Within the material below, transcribe exactly the lines from the one holding "# Drawn here: x" through the one holding "doc.units = 0", keeping both ends and skipping the rest.

* _Task material_
__________________________________________________

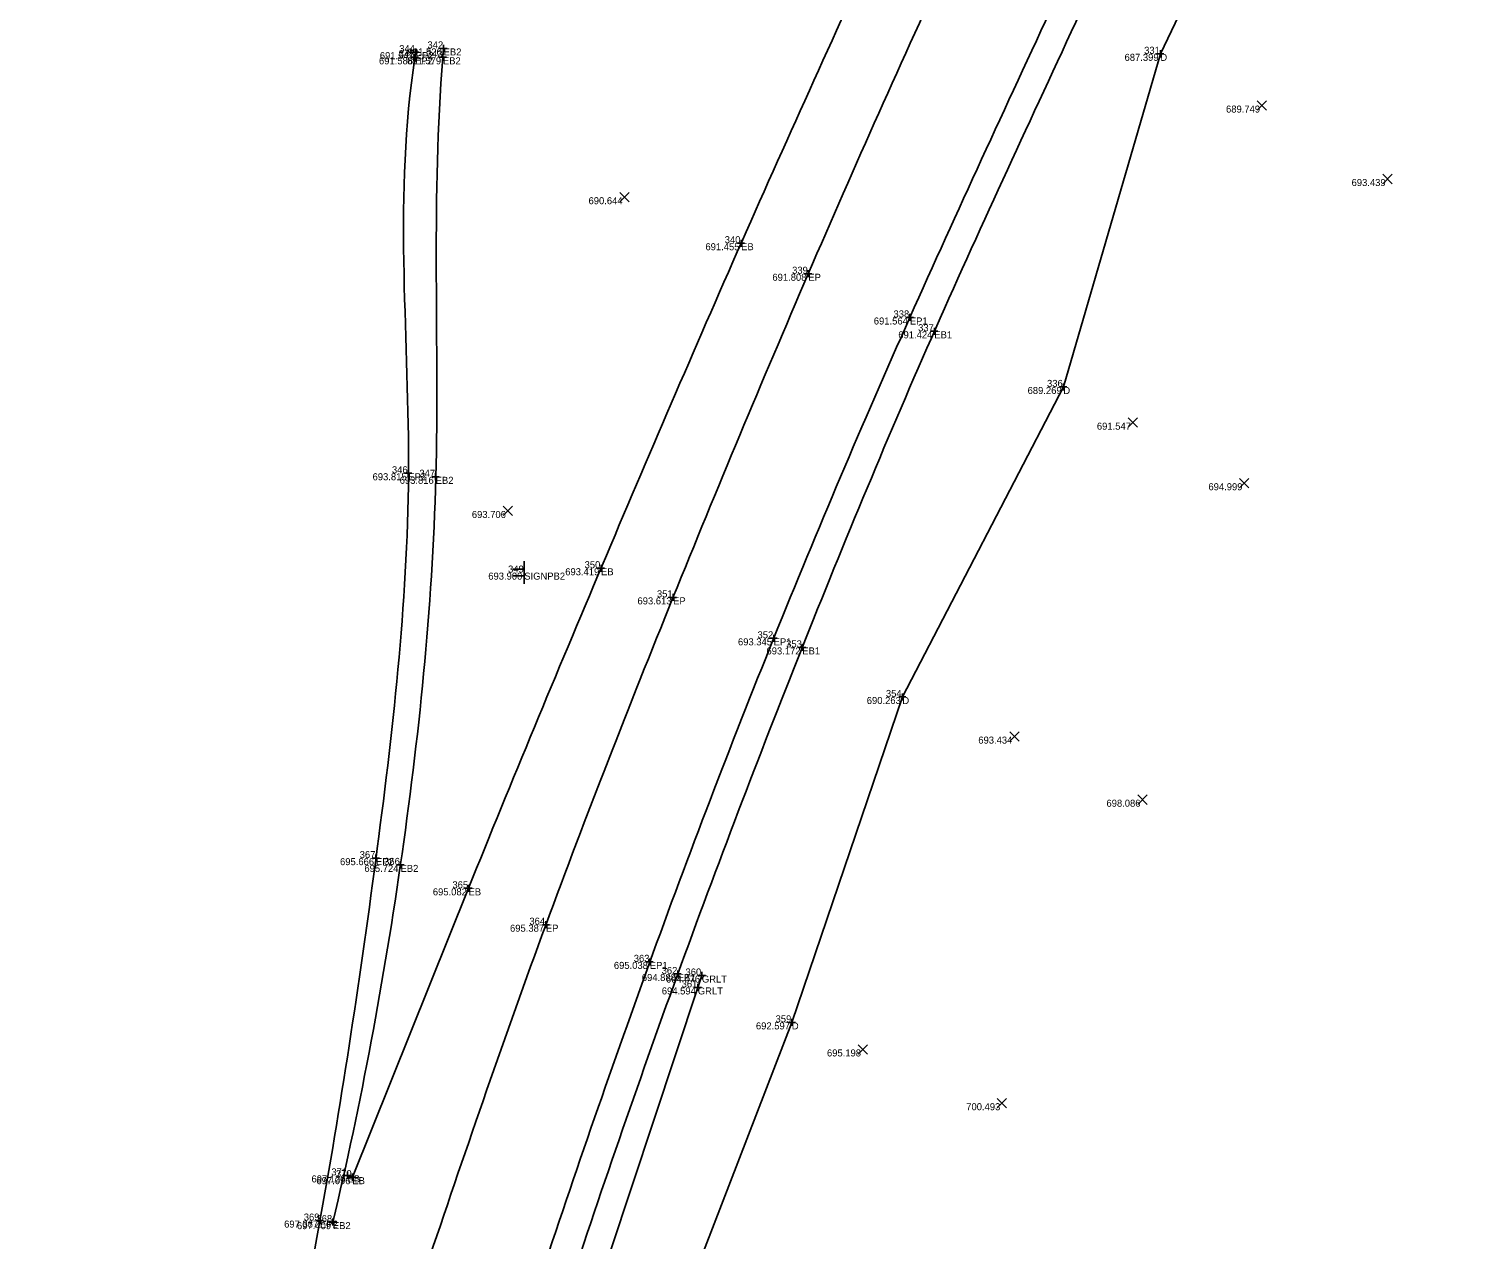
# Model space of a CAD drawing. Extents: x 2197382 to 2204062, y 634117 to 636522.
# Drawn here: x 2201922.4 to 2202128.8, y 634290.4 to 634462.4 of the extents above; entities that cross this region are included whole.
import ezdxf

# ---------------------------------------------------------------- set-up
doc = ezdxf.new("R2010")
doc.units = 0
for name, color, linetype in [('_CIVIL_CONSTRUCTION', 7, 'Continuous'), ('DR_X_Ditch', 7, 'Continuous'), ('GE_P_Alignment_100_Distances', 7, 'Continuous'), ('GE_P_Alignment_100_Stations', 7, 'Continuous'), ('GE_X_Alignment', 7, 'Continuous'), ('PF_X_Ground_Line', 7, 'Continuous'), ('RW_X_CL_100_Curve_Data', 7, 'Continuous'), ('SH_Border', 7, 'Continuous'), ('SH_Cut_Line', 7, 'Continuous'), ('SH_Data', 7, 'Continuous')]:
    doc.layers.add(name, color=color, linetype=linetype)

msp = doc.modelspace()

# ---------------------------------------------------------------- linework, layer by layer
at = {"layer": '_CIVIL_CONSTRUCTION'}
for p, q in [((2201981.25, 634460.17), (2201981.25, 634459.17)), ((2201976.67, 634458.41), (2201977.67, 634458.41)), ((2201976.79, 634459.14), (2201977.79, 634459.14)), ((2201977.17, 634458.91), (2201977.17, 634457.91)), ((2201977.17, 634458.41), (2201977.17, 634458.41)), ((2201977.29, 634459.64), (2201977.29, 634458.64)), ((2201977.29, 634459.14), (2201977.29, 634459.14)), ((2201980.65, 634458.41), (2201981.65, 634458.41)), ((2201980.75, 634459.67), (2201981.75, 634459.67)), ((2201981.15, 634458.91), (2201981.15, 634457.91)), ((2201981.15, 634458.41), (2201981.15, 634458.41)), ((2201981.25, 634459.67), (2201981.25, 634459.67)), ((2202082.54, 634458.9), (2202083.54, 634458.9)), ((2202083.04, 634459.4), (2202083.04, 634458.4)), ((2202083.04, 634458.9), (2202083.04, 634458.9)), ((2202023, 634431.99), (2202024, 634431.99)), ((2202023.5, 634432.49), (2202023.5, 634431.49)), ((2202023.5, 634431.99), (2202023.5, 634431.99)), ((2202032.54, 634427.65), (2202033.54, 634427.65)), ((2202033.04, 634428.15), (2202033.04, 634427.15)), ((2202033.04, 634427.65), (2202033.04, 634427.65)), ((2202046.96, 634421.44), (2202047.96, 634421.44)), ((2202047.46, 634421.94), (2202047.46, 634420.94)), ((2202047.46, 634421.44), (2202047.46, 634421.44)), ((2202050.44, 634419.48), (2202051.44, 634419.48)), ((2202050.94, 634419.98), (2202050.94, 634418.98)), ((2202050.94, 634419.48), (2202050.94, 634419.48)), ((2202068.76, 634411.57), (2202069.76, 634411.57)), ((2202069.26, 634412.07), (2202069.26, 634411.07)), ((2202069.26, 634411.57), (2202069.26, 634411.57)), ((2201975.73, 634399.3), (2201976.73, 634399.3)), ((2201976.23, 634399.8), (2201976.23, 634398.8)), ((2201976.23, 634399.3), (2201976.23, 634399.3)), ((2201979.62, 634398.8), (2201980.62, 634398.8)), ((2201980.12, 634399.3), (2201980.12, 634398.3)), ((2201980.12, 634398.8), (2201980.12, 634398.8)), ((2202003.1, 634385.81), (2202004.1, 634385.81)), ((2202003.6, 634386.31), (2202003.6, 634385.31)), ((2202003.6, 634385.81), (2202003.6, 634385.81)), ((2202013.34, 634381.67), (2202014.34, 634381.67)), ((2202013.84, 634382.17), (2202013.84, 634381.17)), ((2202013.84, 634381.67), (2202013.84, 634381.67)), ((2202027.62, 634375.85), (2202028.62, 634375.85)), ((2202028.12, 634376.35), (2202028.12, 634375.35)), ((2202028.12, 634375.85), (2202028.12, 634375.85)), ((2202031.68, 634374.56), (2202032.68, 634374.56)), ((2202032.18, 634375.06), (2202032.18, 634374.06)), ((2202032.18, 634374.56), (2202032.18, 634374.56)), ((2202045.9, 634367.52), (2202046.9, 634367.52)), ((2202046.4, 634368.02), (2202046.4, 634367.02)), ((2202046.4, 634367.52), (2202046.4, 634367.52)), ((2201971.14, 634344.62), (2201972.14, 634344.62)), ((2201971.64, 634345.12), (2201971.64, 634344.12)), ((2201971.64, 634344.62), (2201971.64, 634344.62)), ((2201974.63, 634343.66), (2201975.63, 634343.66)), ((2201975.13, 634344.16), (2201975.13, 634343.16)), ((2201975.13, 634343.66), (2201975.13, 634343.66)), ((2201984.79, 634340.83), (2201984.79, 634339.83)), ((2201984.29, 634340.33), (2201985.29, 634340.33)), ((2201984.79, 634340.33), (2201984.79, 634340.33)), ((2201995.27, 634335.16), (2201996.27, 634335.16)), ((2201995.77, 634335.66), (2201995.77, 634334.66)), ((2201995.77, 634335.16), (2201995.77, 634335.16)), ((2202010.53, 634330.38), (2202010.53, 634329.38)), ((2202010.03, 634329.88), (2202011.03, 634329.88)), ((2202010.53, 634329.88), (2202010.53, 634329.88)), ((2202014, 634328.16), (2202015, 634328.16)), ((2202014.5, 634328.66), (2202014.5, 634327.66)), ((2202014.5, 634328.16), (2202014.5, 634328.16)), ((2202017.93, 634328.44), (2202017.93, 634327.44)), ((2202016.85, 634326.25), (2202017.85, 634326.25)), ((2202017.35, 634326.75), (2202017.35, 634325.75)), ((2202017.35, 634326.25), (2202017.35, 634326.25)), ((2202017.43, 634327.94), (2202018.43, 634327.94)), ((2202017.93, 634327.94), (2202017.93, 634327.94)), ((2202030.7, 634321.78), (2202030.7, 634320.78)), ((2202030.2, 634321.28), (2202031.2, 634321.28)), ((2202030.7, 634321.28), (2202030.7, 634321.28)), ((2201967.1, 634299.54), (2201968.1, 634299.54)), ((2201967.6, 634300.04), (2201967.6, 634299.04)), ((2201967.6, 634299.54), (2201967.6, 634299.54)), ((2201967.79, 634299.29), (2201968.79, 634299.29)), ((2201968.29, 634299.79), (2201968.29, 634298.79)), ((2201968.29, 634299.29), (2201968.29, 634299.29)), ((2201963.2, 634293.12), (2201964.2, 634293.12)), ((2201963.7, 634293.62), (2201963.7, 634292.62)), ((2201963.7, 634293.12), (2201963.7, 634293.12)), ((2201965.02, 634292.9), (2201966.02, 634292.9)), ((2201965.52, 634293.4), (2201965.52, 634292.4)), ((2201965.52, 634292.9), (2201965.52, 634292.9))]:
    msp.add_line(p, q, dxfattribs=at)
at = {"layer": 'DR_X_Ditch'}
msp.add_lwpolyline([(2202157.96, 634604.45), (2202148.75, 634589.47), (2202127.84, 634547.21), (2202104.93, 634504.72), (2202083.04, 634458.9), (2202069.26, 634411.57), (2202046.4, 634367.52), (2202030.7, 634321.28), (2202012.02, 634272.77), (2201996.99, 634227.77), (2201983.35, 634180.78), (2201972.72, 634154.31)], dxfattribs=at)
at = {"layer": 'GE_P_Alignment_100_Distances'}
msp.add_line((2201977.29, 634459.14), (2201977.17, 634458.41), dxfattribs=at)
for points in [[(2202514.19, 635120), (2202501.95, 635108.79), (2202477.63, 635085.87), (2202443.41, 635049.36), (2202409.55, 635012.34), (2202376.26, 634974.99), (2202344.34, 634936.42), (2202312.72, 634897.79), (2202282.43, 634858.12), (2202252.58, 634818.18), (2202223.74, 634777.45), (2202196.69, 634735.5), (2202169.8, 634693.41), (2202144.64, 634650.36), (2202119.18, 634607.44), (2202097.03, 634562.79), (2202074.71, 634518.18), (2202053.15, 634473.28), (2202032.85, 634427.72), (2202013.67, 634381.72), (2201995.41, 634335.21), (2201979.19, 634288.02), (2201963.55, 634240.68), (2201953.92, 634208.98), (2201949.13, 634193.1)], [(2202525.02, 635108.11), (2202513.04, 635097.11), (2202489.33, 635074.07), (2202455.07, 635038.62), (2202421.29, 635002.1), (2202388.81, 634964.35), (2202356.35, 634926.75), (2202325.87, 634887.43), (2202295, 634848.95), (2202265.53, 634808.92), (2202237.35, 634768.89), (2202211.52, 634726.54), (2202183.6, 634685.47), (2202158.14, 634642.34), (2202133.69, 634599.43), (2202111.05, 634555.42), (2202088.76, 634511.33), (2202068.04, 634466.33), (2202047.21, 634421.56), (2202027.88, 634376.06), (2202010.16, 634329.7), (2201994.09, 634282.81), (2201978.74, 634235.43), (2201968.75, 634203.87), (2201963.85, 634187.95)], [(2201977.17, 634458.41), (2201974.18, 634438.92), (2201978.36, 634400.6), (2201972.08, 634345.48), (2201964.26, 634293.48), (2201953.85, 634243.8), (2201942.48, 634194.98), (2201931.83, 634153.17), (2201924.97, 634127.38), (2201922.38, 634117.79)]]:
    msp.add_open_spline(points, degree=3, dxfattribs=at)
at = {"layer": 'GE_P_Alignment_100_Stations'}
for p, q in [((2201992.7, 634386.79), (2201992.7, 634383.59)), ((2201992.7, 634385.67), (2201991.1, 634385.67)), ((2201992.7, 634384.71), (2201991.1, 634384.71)), ((2201992.7, 634385.19), (2201992.7, 634385.19))]:
    msp.add_line(p, q, dxfattribs=at)
at = {"layer": 'GE_X_Alignment'}
for p, q in [((2201981.25, 634459.67), (2201981.15, 634458.41)), ((2201984.79, 634340.33), (2201968.29, 634299.29)), ((2201968.29, 634299.29), (2201967.6, 634299.54))]:
    msp.add_line(p, q, dxfattribs=at)
for points in [[(2202540.06, 635152.93), (2202529.43, 635144.25), (2202507.23, 635123.46), (2202471.72, 635092.05), (2202435.62, 635056.76), (2202402.1, 635018.87), (2202368.73, 634981.48), (2202336.15, 634943.25), (2202304.62, 634904.21), (2202274.11, 634864.33), (2202244.37, 634823.83), (2202215.65, 634782.83), (2202187.65, 634741.05), (2202161.54, 634698.56), (2202134.84, 634656), (2202111.41, 634611.66), (2202087.71, 634567.52), (2202064.97, 634523.35), (2202044.2, 634477.97), (2202023.42, 634432.25), (2202003.66, 634386.18), (2201990.91, 634355.55), (2201984.79, 634340.33)], [(2202570.92, 635145.14), (2202556.1, 635132.41), (2202530.6, 635107.02), (2202492.19, 635071.28), (2202457.98, 635035.82), (2202424.73, 634999.38), (2202391.64, 634962.22), (2202359.56, 634924.46), (2202328.32, 634885.6), (2202298.37, 634846.53), (2202268.85, 634806.21), (2202240.94, 634765.59), (2202212.91, 634724.71), (2202187.2, 634682.69), (2202161.14, 634640.35), (2202137.99, 634596.95), (2202114.64, 634553.56), (2202092.28, 634509.95), (2202071.73, 634464.7), (2202050.81, 634420.11), (2202031.84, 634374.34), (2202014.23, 634328.21), (2201997.98, 634281.03), (2201983.22, 634233.69), (2201972.74, 634202.38), (2201968.03, 634186.79)], [(2201981.15, 634458.41), (2201979.52, 634438.57), (2201981.66, 634400.19), (2201976.03, 634344.74), (2201969.52, 634309.71), (2201965.52, 634292.9)]]:
    msp.add_open_spline(points, degree=3, dxfattribs=at)
at = {"layer": 'PF_X_Ground_Line'}
msp.add_lwpolyline([(2202017.93, 634327.94), (2202017.35, 634326.25), (2202001.8, 634279.24), (2201985.31, 634232.09), (2201970.11, 634185.7), (2201958.98, 634150.06)], dxfattribs=at)
at = {"layer": 'RW_X_CL_100_Curve_Data'}
for p, q in [((2202096.78, 634450.89), (2202098.11, 634452.22)), ((2202096.78, 634452.22), (2202098.11, 634450.89)), ((2202114.61, 634440.44), (2202115.94, 634441.78)), ((2202114.61, 634441.78), (2202115.94, 634440.44)), ((2202006.28, 634437.87), (2202007.62, 634439.2)), ((2202006.28, 634439.2), (2202007.62, 634437.87)), ((2202078.45, 634405.83), (2202079.79, 634407.16)), ((2202078.45, 634407.16), (2202079.79, 634405.83)), ((2202094.28, 634397.22), (2202095.61, 634398.56)), ((2202094.28, 634398.56), (2202095.61, 634397.22)), ((2201989.69, 634393.28), (2201991.03, 634394.62)), ((2201989.69, 634394.62), (2201991.03, 634393.28)), ((2202061.64, 634361.22), (2202062.97, 634362.56)), ((2202061.64, 634362.56), (2202062.97, 634361.22)), ((2202079.82, 634352.26), (2202081.15, 634353.59)), ((2202079.82, 634353.59), (2202081.15, 634352.26)), ((2202040.13, 634316.77), (2202041.46, 634318.11)), ((2202040.13, 634318.11), (2202041.46, 634316.77)), ((2202059.87, 634309.13), (2202061.2, 634310.47)), ((2202059.87, 634310.47), (2202061.2, 634309.13))]:
    msp.add_line(p, q, dxfattribs=at)

# ---------------------------------------------------------------- texts
at = {"layer": 'SH_Border'}
for s, p in [('EP2', (2201977.17, 634457.41)), ('EP2', (2201977.29, 634458.14)), ('EB2', (2201981.15, 634457.41)), ('EB2', (2201981.25, 634458.67)), ('D', (2202083.04, 634457.9)), ('EB', (2202023.5, 634430.99)), ('EP', (2202033.04, 634426.65)), ('EP1', (2202047.46, 634420.44)), ('EB1', (2202050.94, 634418.48)), ('D', (2202069.26, 634410.57)), ('EP2', (2201976.23, 634398.31)), ('EB2', (2201980.12, 634397.8)), ('EB', (2202003.6, 634384.81)), ('SIGNPB2', (2201992.7, 634384.19)), ('EP', (2202013.84, 634380.67)), ('EP1', (2202028.12, 634374.85)), ('EB1', (2202032.18, 634373.56)), ('D', (2202046.4, 634366.52)), ('EP2', (2201971.64, 634343.62)), ('EB2', (2201975.13, 634342.66)), ('EB', (2201984.79, 634339.33)), ('EP', (2201995.77, 634334.16)), ('EP1', (2202010.53, 634328.88)), ('EB1', (2202014.5, 634327.16)), ('GRLT', (2202017.93, 634326.94)), ('GRLT', (2202017.35, 634325.25)), ('D', (2202030.7, 634320.28)), ('EB', (2201967.6, 634298.54)), ('EB', (2201968.29, 634298.29)), ('EP2', (2201963.7, 634292.12)), ('EB2', (2201965.52, 634291.9))]:
    msp.add_text(s, height=1, dxfattribs=at).set_placement(p)
at = {"layer": 'SH_Cut_Line'}
for s, p in [('344', (2201974.94, 634459.14)), ('342', (2201978.96, 634459.67)), ('345', (2201974.88, 634458.41)), ('343', (2201978.86, 634458.41)), ('331', (2202080.73, 634458.9)), ('340', (2202021.17, 634431.99)), ('339', (2202030.74, 634427.65)), ('338', (2202045.14, 634421.44)), ('337', (2202048.63, 634419.48)), ('336', (2202066.94, 634411.57)), ('346', (2201973.91, 634399.3)), ('347', (2201977.8, 634398.8)), ('349', (2201990.4, 634385.19)), ('350', (2202001.27, 634385.81)), ('351', (2202011.54, 634381.67)), ('352', (2202025.83, 634375.85)), ('353', (2202029.89, 634374.56)), ('354', (2202044.06, 634367.52)), ('367', (2201969.33, 634344.62)), ('366', (2201972.8, 634343.66)), ('365', (2201982.5, 634340.33)), ('364', (2201993.43, 634335.16)), ('363', (2202008.25, 634329.88)), ('362', (2202012.21, 634328.16)), ('360', (2202015.6, 634327.94)), ('361', (2202015.05, 634326.25)), ('359', (2202028.39, 634321.28)), ('371', (2201965.3, 634299.54)), ('370', (2201965.96, 634299.29)), ('369', (2201961.39, 634293.12)), ('368', (2201963.19, 634292.9))]:
    msp.add_text(s, height=1, dxfattribs=at).set_placement(p)
at = {"layer": 'SH_Data'}
for s, p in [('691.588', (2201972.07, 634457.41)), ('691.547', (2201972.19, 634458.14)), ('691.579', (2201976.06, 634457.41)), ('691.526', (2201976.15, 634458.67)), ('687.399', (2202077.95, 634457.9)), ('689.749', (2202092.36, 634450.55)), ('693.439', (2202110.19, 634440.11)), ('690.644', (2202001.83, 634437.53)), ('691.455', (2202018.43, 634430.99)), ('691.808', (2202027.94, 634426.65)), ('691.564', (2202042.34, 634420.44)), ('691.424', (2202045.82, 634418.48)), ('689.269', (2202064.18, 634410.57)), ('691.547', (2202074.02, 634405.49)), ('693.815', (2201971.16, 634398.31)), ('693.816', (2201975.01, 634397.8)), ('694.999', (2202089.86, 634396.89)), ('693.706', (2201985.26, 634392.95)), ('693.419', (2201998.52, 634384.81)), ('693.900', (2201987.59, 634384.19)), ('693.613', (2202008.78, 634380.67)), ('693.345', (2202023.05, 634374.85)), ('693.172', (2202027.1, 634373.56)), ('690.263', (2202041.34, 634366.52)), ('693.434', (2202057.18, 634360.89)), ('698.086', (2202075.38, 634351.92)), ('695.666', (2201966.54, 634343.62)), ('695.724', (2201970, 634342.66)), ('695.082', (2201979.72, 634339.33)), ('695.387', (2201990.68, 634334.16)), ('695.038', (2202005.43, 634328.88)), ('694.888', (2202009.4, 634327.16)), ('694.476', (2202012.83, 634326.94)), ('694.594', (2202012.23, 634325.25)), ('692.597', (2202025.6, 634320.28)), ('695.198', (2202035.69, 634316.44)), ('700.493', (2202055.47, 634308.8)), ('697.120', (2201962.49, 634298.54)), ('697.096', (2201963.19, 634298.29)), ('697.367', (2201958.6, 634292.12)), ('697.409', (2201960.43, 634291.9))]:
    msp.add_text(s, height=1, dxfattribs=at).set_placement(p)

doc.saveas('drawing.dxf')

__________________________________________________

* _Answer_
# Drawn here: x 2201922.4 to 2202128.8, y 634290.4 to 634462.4 of the extents above; entities that cross this region are included whole.
import ezdxf

# ---------------------------------------------------------------- set-up
doc = ezdxf.new("R2010")
doc.units = 0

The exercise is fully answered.